EXERCISE PROMPT
Print word for word the records from the line containing "edge.add_line((283.70118, 244.0453), (283.70118, 244.05342))" through the end.

++++++++++++++++++++

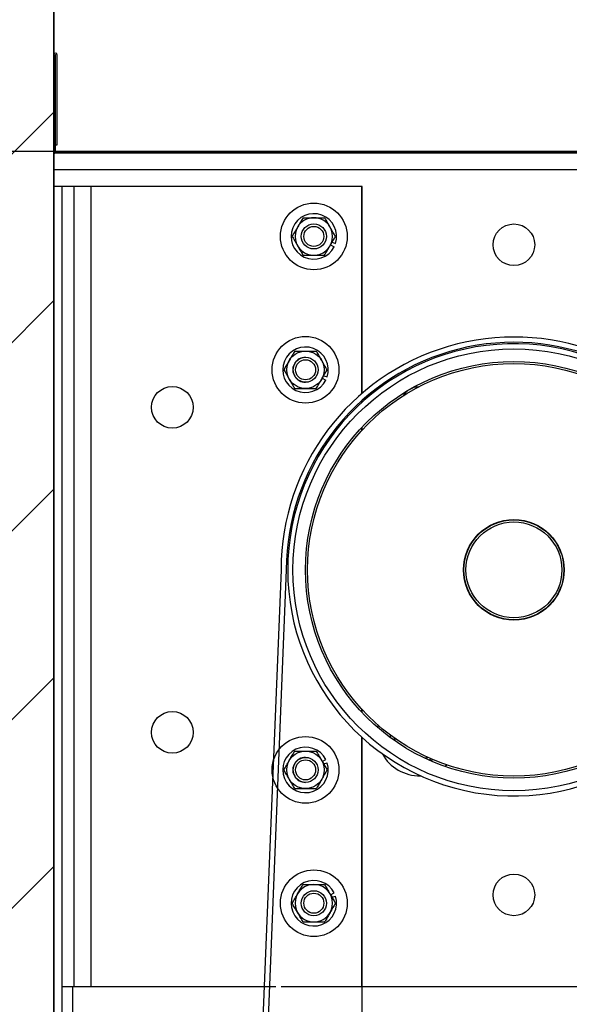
# Model space of a CAD drawing. Header units: inches. Extents: x 170 to 312, y 215 to 248.
# Tile 553 of 557: x 283.618 to 284.133, y 243.774 to 244.697. Entities that reach past the tile are written whole.
import ezdxf

# ---------------------------------------------------------------- set-up
doc = ezdxf.new("R2010")
doc.units = ezdxf.units.IN
doc.header["$LTSCALE"] = 0.25
doc.header["$MEASUREMENT"] = 0
doc.layers.add('ANNOTATIONS', color=1, linetype='Continuous')
doc.layers.add('STANDARD MOTOR LH', color=7, linetype='Continuous')
doc.styles.add('ARIAL', font='arial.ttf', dxfattribs={"height": 0.09375})
doc.dimstyles.new('STANDARD$0', dxfattribs={"dimtxt": 0.09375, "dimasz": 0.09375, "dimexe": 0.03125, "dimexo": 0.046875, "dimgap": 0.09, "dimtad": 0, "dimtih": 1, "dimtoh": 1, "dimdec": 4, "dimzin": 0, "dimdsep": 46, "dimtxsty": 'ARIAL', "dimcen": 0.09, "dimadec": 0, "dimazin": 0, "dimtfac": 1, "dimtdec": 4, "dimtofl": 0, "dimtmove": 0, "dimatfit": 1, "dimfxl": 1, "dimtolj": 1, "dimtzin": 0, "dimarcsym": 0})

# ---------------------------------------------------------------- blocks, each defined once
blk = doc.blocks.new('*D109')
at = {"layer": 'ANNOTATIONS', "color": 0, "lineweight": -2, "transparency": 16777216}
for p, q in [((284.47837, 243.78945), (284.87689, 243.78945)), ((284.84564, 243.6957), (284.84564, 243.5835)), ((284.84564, 243.19717), (284.84564, 243.30937)), ((283.69712, 243.10342), (284.87689, 243.10342))]:
    blk.add_line(p, q, dxfattribs=at)
at = {"layer": 'ANNOTATIONS', "color": 0, "transparency": 16777216}
for points in [[(284.83002, 243.6957), (284.86127, 243.6957), (284.84564, 243.78945)], [(284.83002, 243.19717), (284.86127, 243.19717), (284.84564, 243.10342)]]:
    blk.add_solid(points, dxfattribs=at)
at = {"layer": 'defpoints', "color": 0, "transparency": 16777216}
for p in [(284.43149, 243.78945), (284.84564, 243.78945), (283.65024, 243.10342)]:
    blk.add_point(p, dxfattribs=at)
at = {"layer": 'ANNOTATIONS', "color": 0, "transparency": 16777216, "insert": (284.84564, 243.44644), "char_height": 0.09375, "attachment_point": 5, "style": 'ARIAL'}
blk.add_mtext('\\A1;11"', dxfattribs=at)
blk = doc.blocks.new('*D111')
at = {"layer": 'ANNOTATIONS', "color": 0, "lineweight": -2, "transparency": 16777216}
for p, q in [((282.54922, 244.75967), (282.54922, 244.85342)), ((282.54922, 244.85342), (282.64297, 244.85342)), ((283.60496, 244.66592), (282.51797, 244.66592)), ((284.38462, 244.57365), (282.51797, 244.57365)), ((282.54922, 244.4799), (282.54922, 244.38615))]:
    blk.add_line(p, q, dxfattribs=at)
at = {"layer": 'ANNOTATIONS', "color": 0, "transparency": 16777216}
for points in [[(282.5336, 244.75967), (282.56485, 244.75967), (282.54922, 244.66592)], [(282.5336, 244.4799), (282.56485, 244.4799), (282.54922, 244.57365)]]:
    blk.add_solid(points, dxfattribs=at)
at = {"layer": 'defpoints', "color": 0, "transparency": 16777216}
for p in [(283.65184, 244.66592), (282.54922, 244.57365), (284.43149, 244.57365)]:
    blk.add_point(p, dxfattribs=at)
at = {"layer": 'ANNOTATIONS', "color": 0, "transparency": 16777216, "insert": (282.89166, 244.85342), "char_height": 0.09375, "attachment_point": 5, "style": 'ARIAL'}
blk.add_mtext('\\A1;1 1/2"', dxfattribs=at)
blk = doc.blocks.new('*D100')
at = {"layer": 'ANNOTATIONS', "color": 0, "lineweight": -2, "transparency": 16777216}
for p, q in [((283.64877, 244.71122), (283.64877, 245.27512)), ((284.43149, 244.61905), (284.43149, 245.27512)), ((283.74252, 245.24387), (283.75261, 245.24387)), ((284.33774, 245.24387), (284.32283, 245.24387))]:
    blk.add_line(p, q, dxfattribs=at)
at = {"layer": 'ANNOTATIONS', "color": 0, "transparency": 16777216}
for points in [[(283.74252, 245.25949), (283.74252, 245.22824), (283.64877, 245.24387)], [(284.33774, 245.25949), (284.33774, 245.22824), (284.43149, 245.24387)]]:
    blk.add_solid(points, dxfattribs=at)
at = {"layer": 'defpoints', "color": 0, "transparency": 16777216}
for p in [(284.43149, 245.24387), (283.64877, 244.66435), (284.43149, 244.57217)]:
    blk.add_point(p, dxfattribs=at)
at = {"layer": 'ANNOTATIONS', "color": 0, "transparency": 16777216, "insert": (284.03772, 245.24387), "char_height": 0.09375, "attachment_point": 5, "style": 'ARIAL'}
blk.add_mtext('\\A1;17 1/4"', dxfattribs=at)
blk = doc.blocks.new('*D102')
at = {"layer": 'ANNOTATIONS', "color": 0, "lineweight": -2, "transparency": 16777216}
for p, q in [((284.47837, 243.78945), (284.87689, 243.78945)), ((284.84564, 243.6957), (284.84564, 243.58331)), ((284.84564, 243.19717), (284.84564, 243.30956)), ((283.69712, 243.10342), (284.87689, 243.10342))]:
    blk.add_line(p, q, dxfattribs=at)
at = {"layer": 'ANNOTATIONS', "color": 0, "transparency": 16777216}
for points in [[(284.83002, 243.6957), (284.86127, 243.6957), (284.84564, 243.78945)], [(284.83002, 243.19717), (284.86127, 243.19717), (284.84564, 243.10342)]]:
    blk.add_solid(points, dxfattribs=at)
at = {"layer": 'defpoints', "color": 0, "transparency": 16777216}
for p in [(284.43149, 243.78945), (284.84564, 243.78945), (283.65024, 243.10342)]:
    blk.add_point(p, dxfattribs=at)
at = {"layer": 'ANNOTATIONS', "color": 0, "transparency": 16777216, "insert": (284.84564, 243.44644), "char_height": 0.09375, "attachment_point": 5, "style": 'ARIAL'}
blk.add_mtext('\\A1;  ', dxfattribs=at)
blk = doc.blocks.new('*D104')
at = {"layer": 'ANNOTATIONS', "color": 0, "lineweight": -2, "transparency": 16777216}
for p, q in [((284.47837, 244.57365), (285.31298, 244.57365)), ((285.28173, 244.4799), (285.28173, 243.97701)), ((285.28173, 243.19717), (285.28173, 243.70006)), ((283.69712, 243.10342), (285.31298, 243.10342))]:
    blk.add_line(p, q, dxfattribs=at)
at = {"layer": 'ANNOTATIONS', "color": 0, "transparency": 16777216}
for points in [[(285.2661, 244.4799), (285.29735, 244.4799), (285.28173, 244.57365)], [(285.2661, 243.19717), (285.29735, 243.19717), (285.28173, 243.10342)]]:
    blk.add_solid(points, dxfattribs=at)
at = {"layer": 'defpoints', "color": 0, "transparency": 16777216}
for p in [(284.43149, 244.57365), (285.28173, 244.57365), (283.65024, 243.10342)]:
    blk.add_point(p, dxfattribs=at)
at = {"layer": 'ANNOTATIONS', "color": 0, "transparency": 16777216, "insert": (285.28173, 243.83854), "char_height": 0.09375, "attachment_point": 5, "style": 'ARIAL'}
blk.add_mtext('\\A1;27 1/2"', dxfattribs=at)

msp = doc.modelspace()

# ---------------------------------------------------------------- hatches: boundary and pattern name
at = {"layer": 'STANDARD MOTOR LH'}
h = msp.add_hatch(dxfattribs=at)
h.set_pattern_fill('ANSI31', color=256, style=0)
h.set_pattern_definition([(45, (98.34681, -11.93381), (-0.08838835, 0.08838835), [])])
edge = h.paths.add_edge_path()
edge.add_line((283.13462, 245.71433), (283.13462, 243.10342))
edge.add_line((283.13462, 243.10342), (283.65024, 243.10342))
edge.add_line((283.65024, 245.71433), (283.65024, 243.10342))
edge = h.paths.add_edge_path()
edge.add_line((283.08823, 245.71433), (283.37533, 245.71433))
edge.add_line((283.37533, 245.71433), (283.37533, 245.64563))
edge.add_line((283.37533, 245.64563), (283.41375, 245.77899))
edge.add_line((283.41375, 245.77899), (283.41375, 245.71433))
edge.add_line((283.41375, 245.71433), (283.70894, 245.71433))
h = msp.add_hatch(dxfattribs=at)
h.set_pattern_fill('ANSI31', color=256, style=0)
edge = h.paths.add_edge_path(flags=0)
edge.add_arc((283.70149, 244.05342), 0.000313, 90, 180, ccw=False)
edge.add_line((283.70149, 244.05374), (283.70962, 244.05374))
edge.add_arc((283.70962, 244.05342), 0.000313, 0, 90, ccw=False)
edge.add_line((283.70993, 244.05342), (283.70993, 244.05217))
edge.add_arc((283.71024, 244.05217), 0.000313, 180, 270)
edge.add_line((283.71024, 244.05186), (283.71243, 244.05186))
edge.add_arc((283.71243, 244.05217), 0.000313, 270, 360)
edge.add_line((283.71274, 244.05217), (283.71274, 244.05624))
edge.add_arc((283.71243, 244.05624), 0.000313, 0, 90)
edge.add_line((283.71243, 244.05655), (283.69868, 244.05655))
edge.add_arc((283.69868, 244.05624), 0.000313, 90, 180)
edge.add_line((283.69837, 244.05624), (283.69837, 244.0453))
edge.add_arc((283.69805, 244.0453), 0.000313, 270, 360, ccw=False)
edge.add_line((283.69805, 244.04499), (283.65993, 244.04499))
edge.add_arc((283.65993, 244.04467), 0.000313, 90, 180)
edge.add_line((283.65962, 244.04467), (283.65962, 244.04249))
edge.add_arc((283.65993, 244.04249), 0.000313, 180, 270)
edge.add_line((283.65993, 244.04217), (283.71243, 244.04217))
edge.add_arc((283.71243, 244.04249), 0.000313, 270, 360)
edge.add_line((283.71274, 244.04249), (283.71274, 244.04655))
edge.add_arc((283.71243, 244.04655), 0.000313, 0, 90)
edge.add_line((283.71243, 244.04686), (283.71024, 244.04686))
edge.add_arc((283.71024, 244.04655), 0.000313, 90, 180)
edge.add_line((283.70993, 244.04655), (283.70993, 244.0453))
edge.add_arc((283.70962, 244.0453), 0.000313, 270, 360, ccw=False)
edge.add_line((283.70962, 244.04499), (283.70149, 244.04499))
edge.add_arc((283.70149, 244.0453), 0.000313, 180, 270, ccw=False)
edge.add_line((283.70118, 244.0453), (283.70118, 244.05342))
h = msp.add_hatch(dxfattribs=at)
h.set_pattern_fill('ANSI31', color=256, style=0)
edge = h.paths.add_edge_path(flags=0)
edge.add_line((283.77721, 244.04899), (283.70118, 244.04915))
edge.add_line((283.70118, 244.04915), (283.70118, 244.04953))
edge.add_line((283.70118, 244.04953), (283.77721, 244.04937))
edge.add_line((283.77721, 244.04937), (283.77721, 244.04937))
edge.add_line((283.77721, 244.04937), (283.70118, 244.04954))
edge.add_line((283.70118, 244.04954), (283.70118, 244.04973))
edge.add_line((283.70118, 244.04973), (283.77721, 244.0497))
edge.add_line((283.77721, 244.0497), (283.77721, 244.04971))
edge.add_line((283.77721, 244.04971), (283.70118, 244.04974))
edge.add_line((283.70118, 244.04974), (283.70118, 244.04996))
edge.add_line((283.70118, 244.04996), (283.77721, 244.0501))
edge.add_line((283.77721, 244.0501), (283.77721, 244.05011))
edge.add_line((283.77721, 244.05011), (283.70118, 244.04997))
edge.add_line((283.70118, 244.04997), (283.70118, 244.05023))
edge.add_line((283.70118, 244.05023), (283.77721, 244.05058))
edge.add_line((283.77721, 244.05058), (283.77721, 244.05058))
edge.add_line((283.77721, 244.05058), (283.70118, 244.05023))
edge.add_line((283.70118, 244.05023), (283.70119, 244.05367))
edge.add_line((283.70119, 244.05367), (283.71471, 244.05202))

++++++++++++++++++++

OUTPUT FOR THIS TASK
edge.add_line((283.70118, 244.0453), (283.70118, 244.05342))
h = msp.add_hatch(dxfattribs=at)
h.set_pattern_fill('ANSI31', color=256, style=0)
edge = h.paths.add_edge_path(flags=0)
edge.add_line((283.77721, 244.04899), (283.70118, 244.04915))
edge.add_line((283.70118, 244.04915), (283.70118, 244.04953))
edge.add_line((283.70118, 244.04953), (283.77721, 244.04937))
edge.add_line((283.77721, 244.04937), (283.77721, 244.04937))
edge.add_line((283.77721, 244.04937), (283.70118, 244.04954))
edge.add_line((283.70118, 244.04954), (283.70118, 244.04973))
edge.add_line((283.70118, 244.04973), (283.77721, 244.0497))
edge.add_line((283.77721, 244.0497), (283.77721, 244.04971))
edge.add_line((283.77721, 244.04971), (283.70118, 244.04974))
edge.add_line((283.70118, 244.04974), (283.70118, 244.04996))
edge.add_line((283.70118, 244.04996), (283.77721, 244.0501))
edge.add_line((283.77721, 244.0501), (283.77721, 244.05011))
edge.add_line((283.77721, 244.05011), (283.70118, 244.04997))
edge.add_line((283.70118, 244.04997), (283.70118, 244.05023))
edge.add_line((283.70118, 244.05023), (283.77721, 244.05058))
edge.add_line((283.77721, 244.05058), (283.77721, 244.05058))
edge.add_line((283.77721, 244.05058), (283.70118, 244.05023))
edge.add_line((283.70118, 244.05023), (283.70119, 244.05367))
edge.add_line((283.70119, 244.05367), (283.71471, 244.05202))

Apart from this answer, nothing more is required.